Department of Neurology, West China Hospital, Sichuan University, Chengdu 610041, Sichuan, China.
Department of Neurology, West China Hospital, Sichuan University, Chengdu 610041, Sichuan, China.
Gait Posture. 2014 Jul;40(3):447-50. doi: 10.1016/j.gaitpost.2014.05.011. Epub 2014 Jun 5.
This study aims to investigate the differences in the prevalence and severity of NMS between patients with Parkinson's disease (PD) who manifest camptocormia and those who do not manifest camptocormia.

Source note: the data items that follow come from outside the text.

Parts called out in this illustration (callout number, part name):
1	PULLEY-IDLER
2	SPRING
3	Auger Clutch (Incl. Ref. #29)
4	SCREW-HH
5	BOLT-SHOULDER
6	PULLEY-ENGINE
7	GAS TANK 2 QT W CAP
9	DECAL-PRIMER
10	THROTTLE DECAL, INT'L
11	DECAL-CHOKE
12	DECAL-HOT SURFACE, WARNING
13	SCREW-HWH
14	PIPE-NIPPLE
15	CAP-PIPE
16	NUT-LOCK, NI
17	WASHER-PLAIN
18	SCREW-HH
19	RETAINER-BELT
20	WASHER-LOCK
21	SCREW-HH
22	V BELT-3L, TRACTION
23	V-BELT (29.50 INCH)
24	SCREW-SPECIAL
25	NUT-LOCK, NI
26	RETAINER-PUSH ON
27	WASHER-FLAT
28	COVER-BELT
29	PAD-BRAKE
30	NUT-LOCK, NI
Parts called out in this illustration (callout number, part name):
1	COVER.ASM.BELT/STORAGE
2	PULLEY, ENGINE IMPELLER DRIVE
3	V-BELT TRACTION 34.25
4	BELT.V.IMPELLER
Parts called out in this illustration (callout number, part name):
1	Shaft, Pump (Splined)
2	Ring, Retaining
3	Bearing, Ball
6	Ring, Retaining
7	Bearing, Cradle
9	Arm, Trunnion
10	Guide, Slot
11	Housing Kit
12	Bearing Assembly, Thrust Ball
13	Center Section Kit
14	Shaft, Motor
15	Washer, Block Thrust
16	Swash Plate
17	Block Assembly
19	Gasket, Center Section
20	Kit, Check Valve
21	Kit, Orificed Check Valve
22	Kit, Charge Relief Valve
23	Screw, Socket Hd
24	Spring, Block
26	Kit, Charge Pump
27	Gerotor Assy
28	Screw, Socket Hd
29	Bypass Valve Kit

A total of 50 PD patients with camptocormia and 50 gender and disease duration 1:1 matched patients with PD but without camptocormia were included in this case-control study. The severity of motor symptoms was assessed with the Unified PD Rating Scale (UPDRS) part III and Hoehn and Yahr (H&Y) staging. The prevalence and severity of NMS were assessed with non-motor symptom scale (NMSS).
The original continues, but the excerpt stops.